Show HN: DenchClaw – Local CRM on Top of OpenClaw

Local AI CRM drops — hype for sales, dread for privacy

TLDR: DenchClaw launches as a local, open-source AI-powered CRM built on OpenClaw, aiming to automate sales tasks on your own machine. The community split fast: fans say CRM is the killer app for agents, while skeptics warn about shaky security and dread a wave of spammy LinkedIn automation.

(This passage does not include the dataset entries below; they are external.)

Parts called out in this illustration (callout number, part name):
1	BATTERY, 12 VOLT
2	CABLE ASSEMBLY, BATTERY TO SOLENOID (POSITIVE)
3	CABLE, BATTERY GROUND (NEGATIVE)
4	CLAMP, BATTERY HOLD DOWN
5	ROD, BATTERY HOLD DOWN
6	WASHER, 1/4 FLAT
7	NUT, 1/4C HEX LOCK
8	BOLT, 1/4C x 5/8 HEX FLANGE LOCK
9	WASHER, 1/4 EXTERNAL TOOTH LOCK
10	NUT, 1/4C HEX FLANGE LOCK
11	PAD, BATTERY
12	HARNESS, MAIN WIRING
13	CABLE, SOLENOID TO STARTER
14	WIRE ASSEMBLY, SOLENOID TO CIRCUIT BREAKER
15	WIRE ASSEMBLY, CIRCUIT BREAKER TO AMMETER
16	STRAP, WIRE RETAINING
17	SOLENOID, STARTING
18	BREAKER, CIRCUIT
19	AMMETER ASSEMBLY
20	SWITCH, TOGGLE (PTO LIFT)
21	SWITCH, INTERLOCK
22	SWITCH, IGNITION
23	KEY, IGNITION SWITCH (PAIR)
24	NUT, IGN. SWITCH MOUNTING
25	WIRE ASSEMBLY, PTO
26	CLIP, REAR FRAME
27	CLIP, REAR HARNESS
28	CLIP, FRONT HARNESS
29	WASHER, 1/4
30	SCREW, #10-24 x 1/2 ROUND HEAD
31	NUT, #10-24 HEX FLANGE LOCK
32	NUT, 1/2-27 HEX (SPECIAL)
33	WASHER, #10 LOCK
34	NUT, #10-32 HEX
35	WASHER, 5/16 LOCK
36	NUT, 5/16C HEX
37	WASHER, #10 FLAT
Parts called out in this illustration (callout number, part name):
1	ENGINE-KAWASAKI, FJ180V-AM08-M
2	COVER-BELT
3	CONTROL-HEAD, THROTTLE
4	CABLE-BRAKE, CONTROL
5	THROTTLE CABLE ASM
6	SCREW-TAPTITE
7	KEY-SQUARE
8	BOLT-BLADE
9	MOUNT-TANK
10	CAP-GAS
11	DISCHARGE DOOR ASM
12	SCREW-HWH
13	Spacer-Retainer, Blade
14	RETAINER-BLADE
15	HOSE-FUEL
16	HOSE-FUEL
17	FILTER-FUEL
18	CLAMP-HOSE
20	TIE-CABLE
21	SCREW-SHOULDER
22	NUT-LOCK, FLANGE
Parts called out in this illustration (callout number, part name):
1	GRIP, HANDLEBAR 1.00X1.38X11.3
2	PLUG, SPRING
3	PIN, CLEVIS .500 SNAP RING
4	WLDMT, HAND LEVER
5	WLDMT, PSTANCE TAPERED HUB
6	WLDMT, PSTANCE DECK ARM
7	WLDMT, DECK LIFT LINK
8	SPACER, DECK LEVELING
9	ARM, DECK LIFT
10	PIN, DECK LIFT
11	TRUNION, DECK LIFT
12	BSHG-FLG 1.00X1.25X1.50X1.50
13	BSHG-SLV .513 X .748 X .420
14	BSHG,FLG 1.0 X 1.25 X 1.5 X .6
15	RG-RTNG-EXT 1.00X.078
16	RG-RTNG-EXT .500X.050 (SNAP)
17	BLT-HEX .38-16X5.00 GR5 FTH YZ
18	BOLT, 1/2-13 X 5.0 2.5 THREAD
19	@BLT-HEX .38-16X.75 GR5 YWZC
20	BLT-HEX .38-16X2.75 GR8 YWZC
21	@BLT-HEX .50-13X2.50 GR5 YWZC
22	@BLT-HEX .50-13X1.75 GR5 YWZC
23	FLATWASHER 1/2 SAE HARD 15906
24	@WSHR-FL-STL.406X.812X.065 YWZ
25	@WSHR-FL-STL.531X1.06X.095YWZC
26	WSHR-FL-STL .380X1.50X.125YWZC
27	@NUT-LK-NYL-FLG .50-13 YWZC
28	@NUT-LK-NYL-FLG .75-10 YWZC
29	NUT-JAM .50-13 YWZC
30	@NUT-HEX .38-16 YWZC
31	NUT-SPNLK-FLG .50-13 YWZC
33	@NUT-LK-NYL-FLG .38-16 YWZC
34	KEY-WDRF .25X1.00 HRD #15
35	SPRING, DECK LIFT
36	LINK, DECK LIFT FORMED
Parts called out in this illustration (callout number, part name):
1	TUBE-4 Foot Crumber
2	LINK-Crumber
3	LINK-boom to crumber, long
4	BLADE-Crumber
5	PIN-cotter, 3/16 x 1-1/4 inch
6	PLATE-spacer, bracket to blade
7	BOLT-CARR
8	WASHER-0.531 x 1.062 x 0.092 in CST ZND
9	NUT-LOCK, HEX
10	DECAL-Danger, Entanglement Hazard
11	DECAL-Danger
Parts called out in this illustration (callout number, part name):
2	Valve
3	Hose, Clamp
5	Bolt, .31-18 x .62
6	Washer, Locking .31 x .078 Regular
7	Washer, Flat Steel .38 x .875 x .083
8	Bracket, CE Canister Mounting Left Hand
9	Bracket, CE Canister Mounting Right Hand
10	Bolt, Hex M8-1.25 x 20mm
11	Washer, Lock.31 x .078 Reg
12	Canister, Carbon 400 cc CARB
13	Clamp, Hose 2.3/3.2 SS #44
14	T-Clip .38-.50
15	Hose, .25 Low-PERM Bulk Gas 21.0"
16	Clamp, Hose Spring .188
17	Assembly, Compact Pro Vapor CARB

DenchClaw just strutted into the scene promising a “local, on-your-computer” customer manager for AI helpers, built on OpenClaw, open-source under MIT, and launched with a one-command setup that pops open in your browser. The pitch: let your AI wrangle contacts, leads, and sales tasks — the stuff sales teams live on. The vibe in the comments: half pep rally, half panic attack. One excited voice called CRM the obvious next step for AI agents, while another asked the practical question everyone’s thinking: can agents like Claude Code tap this without installing the whole OpenClaw stack?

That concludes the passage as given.